Saved entries:
=== Section Start ===

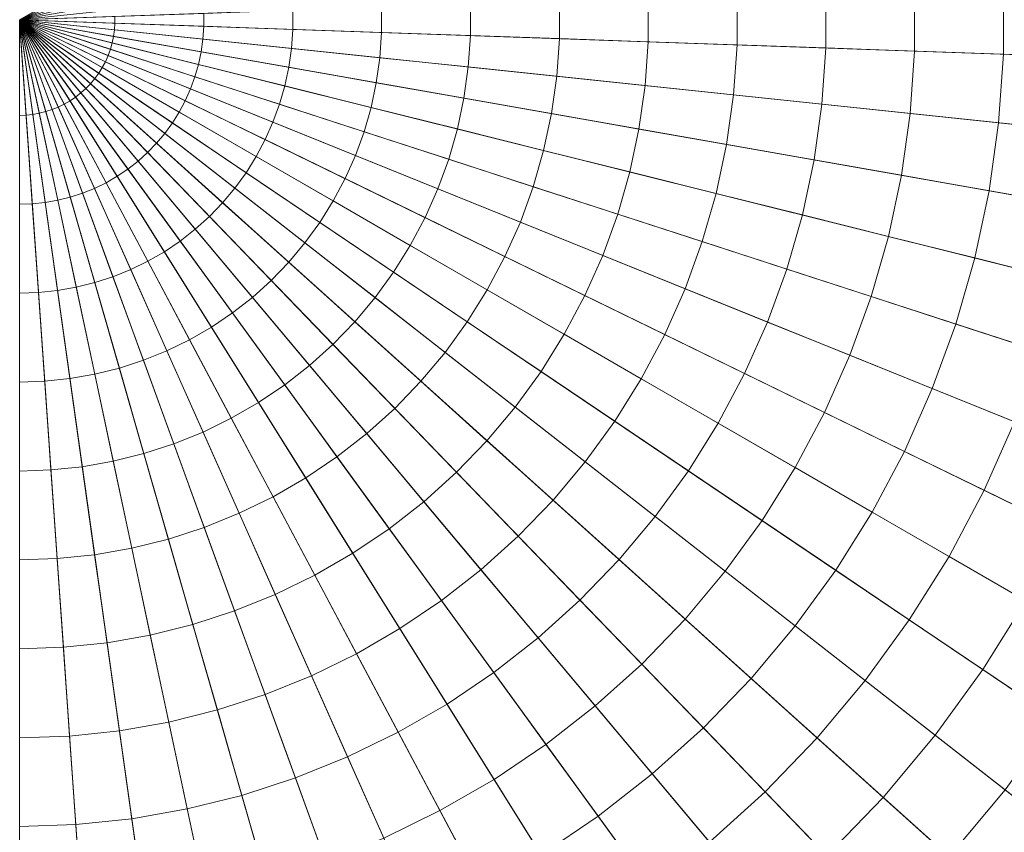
# Model space of a CAD drawing. Header units: centimetres. Extents: x -3.03 to 4.16, y -6.48 to 0.72.
# Tile 255 of 256: x 0.57 to 0.89, y -3.15 to -2.88. Entities that reach past the tile are written whole.
import ezdxf

# ---------------------------------------------------------------- set-up
doc = ezdxf.new("R2010")
doc.units = ezdxf.units.CM
doc.header["$LTSCALE"] = 2.54
doc.layers.add('Lucido design-1', color=7, linetype='Continuous')

# ---------------------------------------------------------------- blocks, each defined once
blk = doc.blocks.new('Gruppo-1')
at = {"color": 142, "linetype": 'Continuous', "lineweight": 9}
for points in [[(1.46333, -2.44277, -14.60843), (1.43058, -2.38118, -14.60843), (0.56504, -2.8809, -14.60843), (1.46333, -2.44277, -14.60843)], [(0.56504, -2.8809, -13.70118), (1.43058, -2.38118, -13.70118), (1.46333, -2.44277, -13.70118), (0.56504, -2.8809, -13.70118)], [(1.4917, -2.5065, -14.60843), (1.46333, -2.44277, -14.60843), (0.56504, -2.8809, -14.60843), (1.4917, -2.5065, -14.60843)], [(0.56504, -2.8809, -13.70118), (1.46333, -2.44277, -13.70118), (1.4917, -2.5065, -13.70118), (0.56504, -2.8809, -13.70118)], [(1.51556, -2.57206, -14.60843), (1.4917, -2.5065, -14.60843), (0.56504, -2.8809, -14.60843), (1.51556, -2.57206, -14.60843)], [(0.56504, -2.8809, -13.70118), (1.4917, -2.5065, -13.70118), (1.51556, -2.57206, -13.70118), (0.56504, -2.8809, -13.70118)], [(1.53479, -2.63911, -14.60843), (1.51556, -2.57206, -14.60843), (0.56504, -2.8809, -14.60843), (1.53479, -2.63911, -14.60843)], [(0.56504, -2.8809, -13.70118), (1.51556, -2.57206, -13.70118), (1.53479, -2.63911, -13.70118), (0.56504, -2.8809, -13.70118)], [(1.54929, -2.70735, -14.60843), (1.53479, -2.63911, -14.60843), (0.56504, -2.8809, -14.60843), (1.54929, -2.70735, -14.60843)], [(0.56504, -2.8809, -13.70118), (1.53479, -2.63911, -13.70118), (1.54929, -2.70735, -13.70118), (0.56504, -2.8809, -13.70118)], [(1.559, -2.77643, -14.60843), (1.54929, -2.70735, -14.60843), (0.56504, -2.8809, -14.60843), (1.559, -2.77643, -14.60843)], [(0.56504, -2.8809, -13.70118), (1.54929, -2.70735, -13.70118), (1.559, -2.77643, -13.70118), (0.56504, -2.8809, -13.70118)], [(1.56387, -2.84602, -14.60843), (1.559, -2.77643, -14.60843), (0.56504, -2.8809, -14.60843), (1.56387, -2.84602, -14.60843)], [(0.56504, -2.8809, -13.70118), (1.559, -2.77643, -13.70118), (1.56387, -2.84602, -13.70118), (0.56504, -2.8809, -13.70118)], [(1.56387, -2.91578, -14.60843), (1.56387, -2.84602, -14.60843), (0.56504, -2.8809, -14.60843), (1.56387, -2.91578, -14.60843)], [(0.56504, -2.8809, -13.70118), (1.56387, -2.84602, -13.70118), (1.56387, -2.91578, -13.70118), (0.56504, -2.8809, -13.70118)], [(1.559, -2.98537, -14.60843), (1.56387, -2.91578, -14.60843), (0.56504, -2.8809, -14.60843), (1.559, -2.98537, -14.60843)], [(1.54929, -3.05445, -14.60843), (1.559, -2.98537, -14.60843), (0.56504, -2.8809, -14.60843), (1.54929, -3.05445, -14.60843)], [(1.53479, -3.12268, -14.60843), (1.54929, -3.05445, -14.60843), (0.56504, -2.8809, -14.60843), (1.53479, -3.12268, -14.60843)], [(1.51556, -3.18974, -14.60843), (1.53479, -3.12268, -14.60843), (0.56504, -2.8809, -14.60843), (1.51556, -3.18974, -14.60843)], [(1.4917, -3.25529, -14.60843), (1.51556, -3.18974, -14.60843), (0.56504, -2.8809, -14.60843), (1.4917, -3.25529, -14.60843)], [(1.46333, -3.31902, -14.60843), (1.4917, -3.25529, -14.60843), (0.56504, -2.8809, -14.60843), (1.46333, -3.31902, -14.60843)], [(1.43058, -3.38062, -14.60843), (1.46333, -3.31902, -14.60843), (0.56504, -2.8809, -14.60843), (1.43058, -3.38062, -14.60843)], [(1.39361, -3.43978, -14.60843), (1.43058, -3.38062, -14.60843), (0.56504, -2.8809, -14.60843), (1.39361, -3.43978, -14.60843)], [(1.35261, -3.49621, -14.60843), (1.39361, -3.43978, -14.60843), (0.56504, -2.8809, -14.60843), (1.35261, -3.49621, -14.60843)], [(1.30777, -3.54965, -14.60843), (1.35261, -3.49621, -14.60843), (0.56504, -2.8809, -14.60843), (1.30777, -3.54965, -14.60843)], [(1.25931, -3.59983, -14.60843), (1.30777, -3.54965, -14.60843), (0.56504, -2.8809, -14.60843), (1.25931, -3.59983, -14.60843)], [(1.20746, -3.64651, -14.60843), (1.25931, -3.59983, -14.60843), (0.56504, -2.8809, -14.60843), (1.20746, -3.64651, -14.60843)], [(1.15249, -3.68946, -14.60843), (1.20746, -3.64651, -14.60843), (0.56504, -2.8809, -14.60843), (1.15249, -3.68946, -14.60843)], [(1.09466, -3.72847, -14.60843), (1.15249, -3.68946, -14.60843), (0.56504, -2.8809, -14.60843), (1.09466, -3.72847, -14.60843)], [(1.03425, -3.76335, -14.60843), (1.09466, -3.72847, -14.60843), (0.56504, -2.8809, -14.60843), (1.03425, -3.76335, -14.60843)], [(0.97155, -3.79393, -14.60843), (1.03425, -3.76335, -14.60843), (0.56504, -2.8809, -14.60843), (0.97155, -3.79393, -14.60843)], [(0.90687, -3.82006, -14.60843), (0.97155, -3.79393, -14.60843), (0.56504, -2.8809, -14.60843), (0.90687, -3.82006, -14.60843)], [(0.84052, -3.84162, -14.60843), (0.90687, -3.82006, -14.60843), (0.56504, -2.8809, -14.60843), (0.84052, -3.84162, -14.60843)], [(0.77283, -3.85849, -14.60843), (0.84052, -3.84162, -14.60843), (0.56504, -2.8809, -14.60843), (0.77283, -3.85849, -14.60843)], [(0.70413, -3.87061, -14.60843), (0.77283, -3.85849, -14.60843), (0.56504, -2.8809, -14.60843), (0.70413, -3.87061, -14.60843)], [(0.63476, -3.8779, -14.60843), (0.70413, -3.87061, -14.60843), (0.56504, -2.8809, -14.60843), (0.63476, -3.8779, -14.60843)], [(0.56504, -3.88033, -14.60843), (0.63476, -3.8779, -14.60843), (0.56504, -2.8809, -14.60843), (0.56504, -3.88033, -14.60843)], [(0.56504, -2.8809, -13.70118), (1.56387, -2.91578, -13.70118), (1.559, -2.98537, -13.70118), (0.56504, -2.8809, -13.70118)], [(0.56504, -2.8809, -13.70118), (1.559, -2.98537, -13.70118), (1.54929, -3.05445, -13.70118), (0.56504, -2.8809, -13.70118)], [(0.56504, -2.8809, -13.70118), (1.54929, -3.05445, -13.70118), (1.53479, -3.12268, -13.70118), (0.56504, -2.8809, -13.70118)], [(0.56504, -2.8809, -13.70118), (1.53479, -3.12268, -13.70118), (1.51556, -3.18974, -13.70118), (0.56504, -2.8809, -13.70118)], [(0.56504, -2.8809, -13.70118), (1.51556, -3.18974, -13.70118), (1.4917, -3.25529, -13.70118), (0.56504, -2.8809, -13.70118)], [(0.56504, -2.8809, -13.70118), (1.4917, -3.25529, -13.70118), (1.46333, -3.31902, -13.70118), (0.56504, -2.8809, -13.70118)], [(0.56504, -2.8809, -13.70118), (1.46333, -3.31902, -13.70118), (1.43058, -3.38062, -13.70118), (0.56504, -2.8809, -13.70118)], [(0.56504, -2.8809, -13.70118), (1.43058, -3.38062, -13.70118), (1.39361, -3.43978, -13.70118), (0.56504, -2.8809, -13.70118)], [(0.56504, -2.8809, -13.70118), (1.39361, -3.43978, -13.70118), (1.35261, -3.49621, -13.70118), (0.56504, -2.8809, -13.70118)], [(0.56504, -2.8809, -13.70118), (1.35261, -3.49621, -13.70118), (1.30777, -3.54965, -13.70118), (0.56504, -2.8809, -13.70118)], [(0.56504, -2.8809, -13.70118), (1.30777, -3.54965, -13.70118), (1.25931, -3.59983, -13.70118), (0.56504, -2.8809, -13.70118)], [(0.56504, -2.8809, -13.70118), (1.25931, -3.59983, -13.70118), (1.20746, -3.64651, -13.70118), (0.56504, -2.8809, -13.70118)], [(0.56504, -2.8809, -13.70118), (1.20746, -3.64651, -13.70118), (1.15249, -3.68946, -13.70118), (0.56504, -2.8809, -13.70118)], [(0.56504, -2.8809, -13.70118), (1.15249, -3.68946, -13.70118), (1.09466, -3.72847, -13.70118), (0.56504, -2.8809, -13.70118)], [(0.56504, -2.8809, -13.70118), (1.09466, -3.72847, -13.70118), (1.03425, -3.76335, -13.70118), (0.56504, -2.8809, -13.70118)], [(0.56504, -2.8809, -13.70118), (1.03425, -3.76335, -13.70118), (0.97155, -3.79393, -13.70118), (0.56504, -2.8809, -13.70118)], [(0.56504, -2.8809, -13.70118), (0.97155, -3.79393, -13.70118), (0.90687, -3.82006, -13.70118), (0.56504, -2.8809, -13.70118)], [(0.56504, -2.8809, -13.70118), (0.90687, -3.82006, -13.70118), (0.84052, -3.84162, -13.70118), (0.56504, -2.8809, -13.70118)], [(0.56504, -2.8809, -13.70118), (0.84052, -3.84162, -13.70118), (0.77283, -3.85849, -13.70118), (0.56504, -2.8809, -13.70118)], [(0.56504, -2.8809, -13.70118), (0.77283, -3.85849, -13.70118), (0.70413, -3.87061, -13.70118), (0.56504, -2.8809, -13.70118)], [(0.56504, -2.8809, -13.70118), (0.70413, -3.87061, -13.70118), (0.63476, -3.8779, -13.70118), (0.56504, -2.8809, -13.70118)], [(0.56504, -2.8809, -13.70118), (0.63476, -3.8779, -13.70118), (0.56504, -3.88033, -13.70118), (0.56504, -2.8809, -13.70118)]]:
    blk.add_polyline3d(points, dxfattribs=at)
for points in [[(4.16147, -3.00649, -13.70234), (4.16147, -2.75531, -13.70234), (0.5672, -2.88082, -13.70234), (0.5672, -2.88097, -13.70234)], [(0.85857, -2.89115, -12.60292), (0.85857, -2.87065, -12.60292), (0.88768, -2.86963, -12.60456), (0.88768, -2.89217, -12.60456)], [(0.88768, -2.89217, -12.60456), (0.88768, -2.86963, -12.60456), (0.91679, -2.86861, -12.60629), (0.91679, -2.89318, -12.60629)], [(0.7712, -2.8881, -12.59861), (0.7712, -2.8737, -12.59861), (0.80033, -2.87268, -12.59995), (0.80033, -2.88911, -12.59995)], [(0.80033, -2.88911, -12.59995), (0.80033, -2.87268, -12.59995), (0.82945, -2.87166, -12.60138), (0.82945, -2.89013, -12.60138)], [(0.82945, -2.89013, -12.60138), (0.82945, -2.87166, -12.60138), (0.85857, -2.87065, -12.60292), (0.85857, -2.89115, -12.60292)], [(0.68379, -2.88505, -12.59522), (0.68379, -2.87675, -12.59522), (0.71293, -2.87573, -12.59625), (0.71293, -2.88606, -12.59625)], [(0.71293, -2.88606, -12.59625), (0.71293, -2.87573, -12.59625), (0.74207, -2.87472, -12.59738), (0.74207, -2.88708, -12.59738)], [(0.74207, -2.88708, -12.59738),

=== Section End ===

Brief - Pull each line containing the word "linetype" out of the data above.

Solution -
doc.layers.add('Lucido design-1', color=7, linetype='Continuous')
at = {"color": 142, "linetype": 'Continuous', "lineweight": 9}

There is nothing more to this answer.